The distribution differs from the estimates from the first part of the assignment.   
Impact: Having the adjusted number of steps, mean and median are equal. The distribution looks more like a normal distribution and the number of days with zero steps are much lower.

## Are there differences in activity patterns between weekdays and weekends?

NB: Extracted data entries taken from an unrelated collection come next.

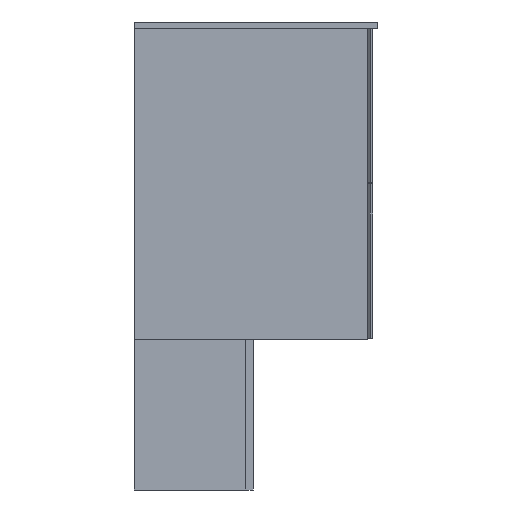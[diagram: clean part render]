
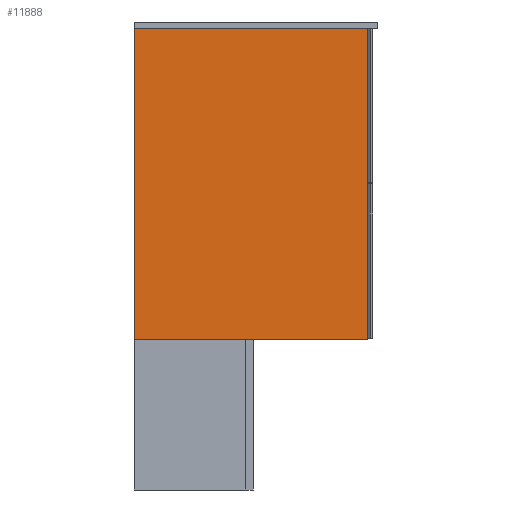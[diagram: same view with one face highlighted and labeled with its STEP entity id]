
A CAD part, left-side view. The second image highlights one B-rep face of the part: STEP entity #11888.
In plain terms, the highlighted planar face has unit normal (-1, 0, 0).
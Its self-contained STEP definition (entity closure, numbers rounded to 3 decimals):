
#13 = EDGE_CURVE ( 'NONE', #3614, #15875, #6937, .T. ) ;
#172 = VECTOR ( 'NONE', #6876, 1000. ) ;
#485 = ORIENTED_EDGE ( 'NONE', *, *, #10716, .F. ) ;
#760 = FACE_OUTER_BOUND ( 'NONE', #4427, .T. ) ;
#808 = ORIENTED_EDGE ( 'NONE', *, *, #8525, .F. ) ;
#1134 = DIRECTION ( 'NONE',  ( 1., 0., 0. ) ) ;
#1475 = DIRECTION ( 'NONE',  ( 0., 1., 0. ) ) ;
#1921 = CARTESIAN_POINT ( 'NONE',  ( 4346.88, -3618.256, 540. ) ) ;
#2629 = LINE ( 'NONE', #14865, #3780 ) ;
#3166 = ORIENTED_EDGE ( 'NONE', *, *, #13, .F. ) ;
#3614 = VERTEX_POINT ( 'NONE', #14526 ) ;
#3676 = DIRECTION ( 'NONE',  ( 0., 0., 1. ) ) ;
#3780 = VECTOR ( 'NONE', #3676, 1000. ) ;
#4427 = EDGE_LOOP ( 'NONE', ( #6060, #485, #808, #3166 ) ) ;
#5855 = AXIS2_PLACEMENT_3D ( 'NONE', #14808, #1134, #15792 ) ;
#5882 = CARTESIAN_POINT ( 'NONE',  ( 4346.88, -3843.256, 270. ) ) ;
#6026 = DIRECTION ( 'NONE',  ( 0., 0., -1. ) ) ;
#6060 = ORIENTED_EDGE ( 'NONE', *, *, #12150, .F. ) ;
#6487 = CARTESIAN_POINT ( 'NONE',  ( 4346.88, -3393.256, -60. ) ) ;
#6876 = DIRECTION ( 'NONE',  ( 0., -1., 0. ) ) ;
#6937 = LINE ( 'NONE', #5882, #13595 ) ;
#7875 = CARTESIAN_POINT ( 'NONE',  ( 4346.88, -3843.256, -60. ) ) ;
#7987 = VERTEX_POINT ( 'NONE', #6487 ) ;
#8364 = VECTOR ( 'NONE', #1475, 1000. ) ;
#8525 = EDGE_CURVE ( 'NONE', #15875, #7987, #14997, .T. ) ;
#10716 = EDGE_CURVE ( 'NONE', #7987, #15868, #2629, .T. ) ;
#11530 = CARTESIAN_POINT ( 'NONE',  ( 4346.88, -3393.256, 540. ) ) ;
#11888 = ADVANCED_FACE ( 'NONE', ( #760 ), #15558, .F. ) ;
#12150 = EDGE_CURVE ( 'NONE', #15868, #3614, #13016, .T. ) ;
#13016 = LINE ( 'NONE', #1921, #172 ) ;
#13595 = VECTOR ( 'NONE', #6026, 1000. ) ;
#13862 = CARTESIAN_POINT ( 'NONE',  ( 4346.88, -3618.256, -60. ) ) ;
#14526 = CARTESIAN_POINT ( 'NONE',  ( 4346.88, -3843.256, 540. ) ) ;
#14808 = CARTESIAN_POINT ( 'NONE',  ( 4346.88, -3618.256, 270. ) ) ;
#14865 = CARTESIAN_POINT ( 'NONE',  ( 4346.88, -3393.256, 270. ) ) ;
#14997 = LINE ( 'NONE', #13862, #8364 ) ;
#15558 = PLANE ( 'NONE',  #5855 ) ;
#15792 = DIRECTION ( 'NONE',  ( 0., 0., -1. ) ) ;
#15868 = VERTEX_POINT ( 'NONE', #11530 ) ;
#15875 = VERTEX_POINT ( 'NONE', #7875 ) ;
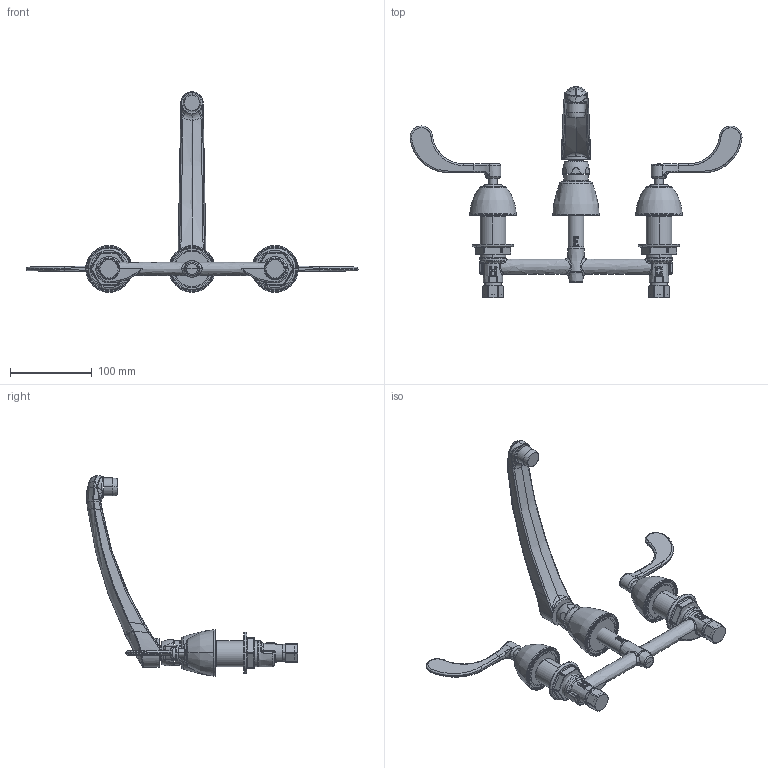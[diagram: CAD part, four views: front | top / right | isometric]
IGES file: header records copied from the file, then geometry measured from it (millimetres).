
Start section:  PTC IGES file: 201-AL8-317CP_REV061411.igs
Global section: file name: 201-AL8-317CP_REV061411.igs; native system: Pro/ENGINEER by Parametric Technology Corporation; preprocessor: 2010230; author: sdmitruk; organization: Unknown; date: 20110614.112205; units: inch
Bounding box: 406.4 x 258.29 x 245.5 mm (x, y, z)
Surface area: 134668 mm2 (no closed solid volume)
Topology: 0 solids, 0 shells, 808 faces, 5585 edges, 7428 vertices
Faces by surface type: bspline 424, revolution 384
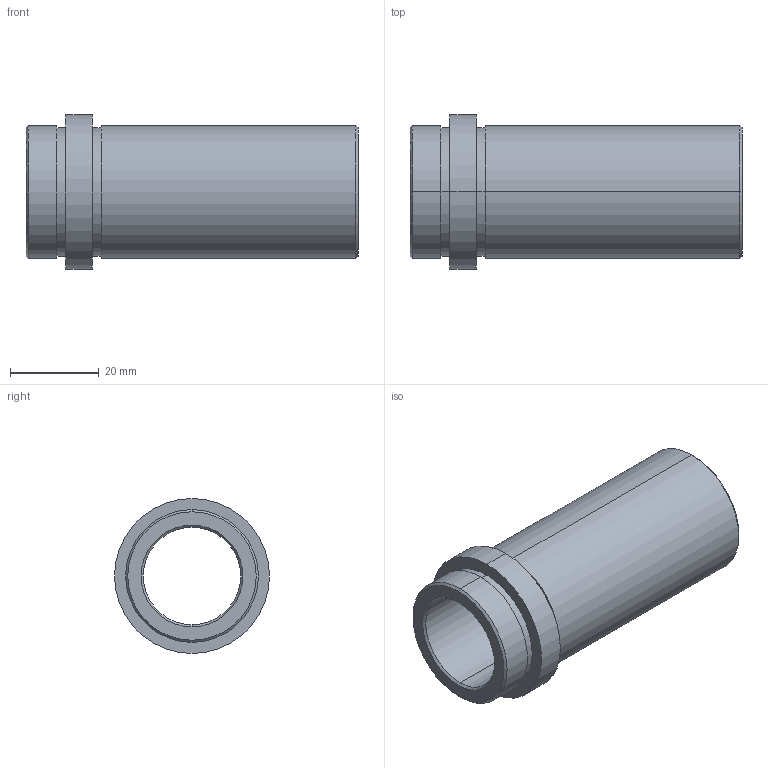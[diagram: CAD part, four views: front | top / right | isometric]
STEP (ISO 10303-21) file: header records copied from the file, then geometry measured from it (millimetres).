
FILE_DESCRIPTION( ( 'STEP AP203' ), '1' );
FILE_NAME( 'D:/Delta 3 D/D21/D21 - 22x66.step', '2002-12-31T22:44:07', ( ' ' ), ( ' ' ), 'XStep 1.0', ' ', ' ' );
FILE_SCHEMA( ( 'CONFIG_CONTROL_DESIGN' ) );
Length unit declared in the file: metre
Products named in the file (1): 1
Bounding box: 75 x 35 x 35 mm (x, y, z)
Volume: 25809.8 mm3; surface area: 13587.5 mm2
Topology: 1 solids, 1 shells, 26 faces, 52 edges, 32 vertices
Faces by surface type: revolution 20, bspline 6
Entity records: 773 total; most frequent: CARTESIAN_POINT 169, DIRECTION 106, ORIENTED_EDGE 104, EDGE_CURVE 52, AXIS2_PLACEMENT_3D 33, EDGE_LOOP 32, VERTEX_POINT 32, CIRCLE 32

At first we generate an additional column **weekday** (TRUE or FALSE) indicating if the current day is weekday (Monday till Friday) or not.
```{r}
adjustedDataFrame$weekday <- weekdays(activityDataFrame$date, abbreviate = TRUE) %in%
                             c("Mo", "Di", "Mi", "Do", "Fr")
summary(adjustedDataFrame$weekday)
```

Now, we have a look at the average number of steps over a day for weekdays and weekend. We use the **interval** column since it was used in the example plot:
```{r, fig.height=7.5}
stepsPerIntervalWeekday <- summarize(group_by(adjustedDataFrame[adjustedDataFrame$weekday==TRUE,], interval),  AverageSteps = mean(steps, na.rm=TRUE))
stepsPerIntervalWeekend <- summarize(group_by(adjustedDataFrame[adjustedDataFrame$weekday==FALSE,], interval), AverageSteps = mean(steps, na.rm=TRUE))
par(mfrow = c(2,1))
plot(stepsPerIntervalWeekday$interval, stepsPerIntervalWeekday$AverageSteps, 
     type = "l",
     main = "Average Number of Steps over Time (Weekday)", xlab = "Interval",
     ylab = "Average Number of Steps", lwd = 2,
     ylim = c(0, 250))
plot(stepsPerIntervalWeekend$interval, stepsPerIntervalWeekend$AverageSteps, 
     type = "l",
     main = "Average Number of Steps over Time (Weekend)", xlab = "Interval",
     ylab = "Average Number of Steps", lwd = 2,
     ylim = c(0, 250))
```

Result: On weekends, the steps are more distributed over the day. At weekdays there is a peak in the morning and only little peaks in the afternoon and in the evening.  
On weekends, steps occur later in the morning than on weekdays (e.g. people sleep longer than on weekdays).